Assignment> Return the lines below that contain "Continuous".

Data for analysis>

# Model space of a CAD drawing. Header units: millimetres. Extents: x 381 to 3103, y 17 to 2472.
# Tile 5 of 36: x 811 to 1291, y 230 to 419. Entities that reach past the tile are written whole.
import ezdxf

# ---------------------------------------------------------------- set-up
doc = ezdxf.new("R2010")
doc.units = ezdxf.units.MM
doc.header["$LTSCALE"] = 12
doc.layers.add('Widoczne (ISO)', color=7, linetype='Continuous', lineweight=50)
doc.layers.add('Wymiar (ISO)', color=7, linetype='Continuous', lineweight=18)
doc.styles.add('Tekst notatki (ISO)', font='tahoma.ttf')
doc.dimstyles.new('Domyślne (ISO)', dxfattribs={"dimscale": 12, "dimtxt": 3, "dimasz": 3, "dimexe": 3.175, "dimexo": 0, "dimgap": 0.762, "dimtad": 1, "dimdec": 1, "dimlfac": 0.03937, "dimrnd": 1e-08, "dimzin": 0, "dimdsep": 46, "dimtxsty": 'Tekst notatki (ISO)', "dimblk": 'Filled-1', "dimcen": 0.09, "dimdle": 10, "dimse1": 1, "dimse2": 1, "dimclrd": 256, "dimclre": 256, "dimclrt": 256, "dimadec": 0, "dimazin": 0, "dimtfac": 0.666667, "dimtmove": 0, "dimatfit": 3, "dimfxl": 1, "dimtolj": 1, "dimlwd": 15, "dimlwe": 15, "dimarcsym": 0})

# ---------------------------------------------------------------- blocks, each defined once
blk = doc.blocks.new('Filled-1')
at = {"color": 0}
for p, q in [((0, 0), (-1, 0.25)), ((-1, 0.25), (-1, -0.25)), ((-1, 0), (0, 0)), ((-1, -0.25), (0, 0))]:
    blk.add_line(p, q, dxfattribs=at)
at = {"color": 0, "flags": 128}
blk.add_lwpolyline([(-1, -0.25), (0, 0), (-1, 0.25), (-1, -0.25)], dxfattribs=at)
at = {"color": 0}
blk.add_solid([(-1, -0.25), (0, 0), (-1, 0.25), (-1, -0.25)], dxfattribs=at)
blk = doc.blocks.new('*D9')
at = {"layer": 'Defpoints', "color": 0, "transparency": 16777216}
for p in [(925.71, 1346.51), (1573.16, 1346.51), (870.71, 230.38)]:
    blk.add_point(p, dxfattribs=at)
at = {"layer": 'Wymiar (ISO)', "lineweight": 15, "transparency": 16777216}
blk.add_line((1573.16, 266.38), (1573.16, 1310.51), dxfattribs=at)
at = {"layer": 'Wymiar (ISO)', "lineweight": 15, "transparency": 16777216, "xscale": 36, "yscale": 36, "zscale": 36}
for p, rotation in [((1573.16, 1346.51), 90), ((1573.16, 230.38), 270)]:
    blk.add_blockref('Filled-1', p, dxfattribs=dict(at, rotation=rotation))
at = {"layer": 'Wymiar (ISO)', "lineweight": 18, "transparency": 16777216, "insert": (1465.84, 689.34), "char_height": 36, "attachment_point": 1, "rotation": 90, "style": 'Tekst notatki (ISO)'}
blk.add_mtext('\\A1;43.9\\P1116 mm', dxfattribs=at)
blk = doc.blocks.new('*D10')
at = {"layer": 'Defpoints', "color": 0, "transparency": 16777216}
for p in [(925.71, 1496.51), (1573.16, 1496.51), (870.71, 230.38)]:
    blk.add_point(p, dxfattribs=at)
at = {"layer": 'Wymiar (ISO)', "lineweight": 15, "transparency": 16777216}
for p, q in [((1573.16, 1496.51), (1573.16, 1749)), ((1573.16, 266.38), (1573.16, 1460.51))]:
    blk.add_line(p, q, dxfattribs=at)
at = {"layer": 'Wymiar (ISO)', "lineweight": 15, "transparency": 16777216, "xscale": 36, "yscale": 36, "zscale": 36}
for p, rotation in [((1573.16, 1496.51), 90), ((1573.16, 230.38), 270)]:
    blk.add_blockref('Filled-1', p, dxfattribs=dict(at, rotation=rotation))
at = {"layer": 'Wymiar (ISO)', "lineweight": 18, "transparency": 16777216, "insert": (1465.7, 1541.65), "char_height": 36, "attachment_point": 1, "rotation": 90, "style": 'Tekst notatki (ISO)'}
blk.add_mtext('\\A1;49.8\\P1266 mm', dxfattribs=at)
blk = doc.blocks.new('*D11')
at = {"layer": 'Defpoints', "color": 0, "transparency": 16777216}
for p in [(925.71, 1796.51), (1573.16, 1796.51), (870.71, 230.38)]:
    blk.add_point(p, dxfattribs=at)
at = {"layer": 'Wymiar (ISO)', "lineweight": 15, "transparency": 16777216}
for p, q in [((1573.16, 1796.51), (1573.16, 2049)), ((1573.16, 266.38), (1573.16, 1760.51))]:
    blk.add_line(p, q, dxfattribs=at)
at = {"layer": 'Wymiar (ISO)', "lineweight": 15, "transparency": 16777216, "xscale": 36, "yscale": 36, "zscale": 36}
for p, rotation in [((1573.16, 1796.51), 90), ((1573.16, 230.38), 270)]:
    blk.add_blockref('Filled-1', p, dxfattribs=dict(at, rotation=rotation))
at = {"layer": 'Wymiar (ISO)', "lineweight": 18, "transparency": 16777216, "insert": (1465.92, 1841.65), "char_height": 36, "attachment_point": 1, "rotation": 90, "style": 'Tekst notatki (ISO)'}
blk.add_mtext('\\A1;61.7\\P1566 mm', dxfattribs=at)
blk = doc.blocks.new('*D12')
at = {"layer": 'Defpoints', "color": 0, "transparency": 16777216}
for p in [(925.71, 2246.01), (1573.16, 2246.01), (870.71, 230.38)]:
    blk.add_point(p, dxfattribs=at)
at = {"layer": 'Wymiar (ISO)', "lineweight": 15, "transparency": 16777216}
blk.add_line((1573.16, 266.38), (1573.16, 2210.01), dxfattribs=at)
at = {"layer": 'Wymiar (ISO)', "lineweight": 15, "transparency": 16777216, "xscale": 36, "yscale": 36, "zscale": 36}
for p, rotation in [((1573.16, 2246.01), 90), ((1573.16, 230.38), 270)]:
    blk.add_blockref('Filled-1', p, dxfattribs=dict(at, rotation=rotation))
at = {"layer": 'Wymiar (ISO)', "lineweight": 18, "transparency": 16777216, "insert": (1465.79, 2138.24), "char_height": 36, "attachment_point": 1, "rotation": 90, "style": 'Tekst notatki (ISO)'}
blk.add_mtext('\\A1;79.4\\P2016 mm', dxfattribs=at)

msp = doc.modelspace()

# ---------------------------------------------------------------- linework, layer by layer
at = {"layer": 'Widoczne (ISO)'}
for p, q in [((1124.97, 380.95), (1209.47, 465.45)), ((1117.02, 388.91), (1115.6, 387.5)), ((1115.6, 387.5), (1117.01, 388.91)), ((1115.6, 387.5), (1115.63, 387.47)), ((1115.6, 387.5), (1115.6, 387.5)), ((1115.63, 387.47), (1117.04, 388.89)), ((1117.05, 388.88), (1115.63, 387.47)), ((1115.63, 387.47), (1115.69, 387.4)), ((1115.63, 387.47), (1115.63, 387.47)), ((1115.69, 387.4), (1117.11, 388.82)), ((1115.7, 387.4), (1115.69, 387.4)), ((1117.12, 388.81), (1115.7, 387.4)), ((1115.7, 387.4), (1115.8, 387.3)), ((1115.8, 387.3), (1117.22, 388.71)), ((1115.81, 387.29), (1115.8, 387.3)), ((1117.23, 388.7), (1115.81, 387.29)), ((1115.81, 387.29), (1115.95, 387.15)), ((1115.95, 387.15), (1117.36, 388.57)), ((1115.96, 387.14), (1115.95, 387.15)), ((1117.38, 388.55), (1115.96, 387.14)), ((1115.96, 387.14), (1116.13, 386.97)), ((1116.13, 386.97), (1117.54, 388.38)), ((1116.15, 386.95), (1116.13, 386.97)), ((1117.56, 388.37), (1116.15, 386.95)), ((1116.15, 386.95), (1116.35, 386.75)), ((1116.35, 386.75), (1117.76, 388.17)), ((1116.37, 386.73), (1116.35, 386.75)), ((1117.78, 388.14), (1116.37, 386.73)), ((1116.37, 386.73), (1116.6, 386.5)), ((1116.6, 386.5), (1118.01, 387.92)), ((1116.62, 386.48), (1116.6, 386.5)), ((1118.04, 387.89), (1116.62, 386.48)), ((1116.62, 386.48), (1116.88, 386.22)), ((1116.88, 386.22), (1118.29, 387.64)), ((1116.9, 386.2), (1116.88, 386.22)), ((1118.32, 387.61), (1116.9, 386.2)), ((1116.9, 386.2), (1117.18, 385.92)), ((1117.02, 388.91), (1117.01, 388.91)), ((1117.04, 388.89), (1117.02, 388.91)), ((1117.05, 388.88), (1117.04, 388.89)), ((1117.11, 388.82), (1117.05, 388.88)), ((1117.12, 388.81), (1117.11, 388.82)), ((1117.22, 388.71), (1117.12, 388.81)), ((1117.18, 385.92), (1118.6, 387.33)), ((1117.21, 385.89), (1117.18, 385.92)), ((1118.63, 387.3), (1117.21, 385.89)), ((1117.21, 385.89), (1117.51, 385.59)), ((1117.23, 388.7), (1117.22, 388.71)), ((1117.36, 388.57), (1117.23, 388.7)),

Response area>
doc.layers.add('Widoczne (ISO)', color=7, linetype='Continuous', lineweight=50)
doc.layers.add('Wymiar (ISO)', color=7, linetype='Continuous', lineweight=18)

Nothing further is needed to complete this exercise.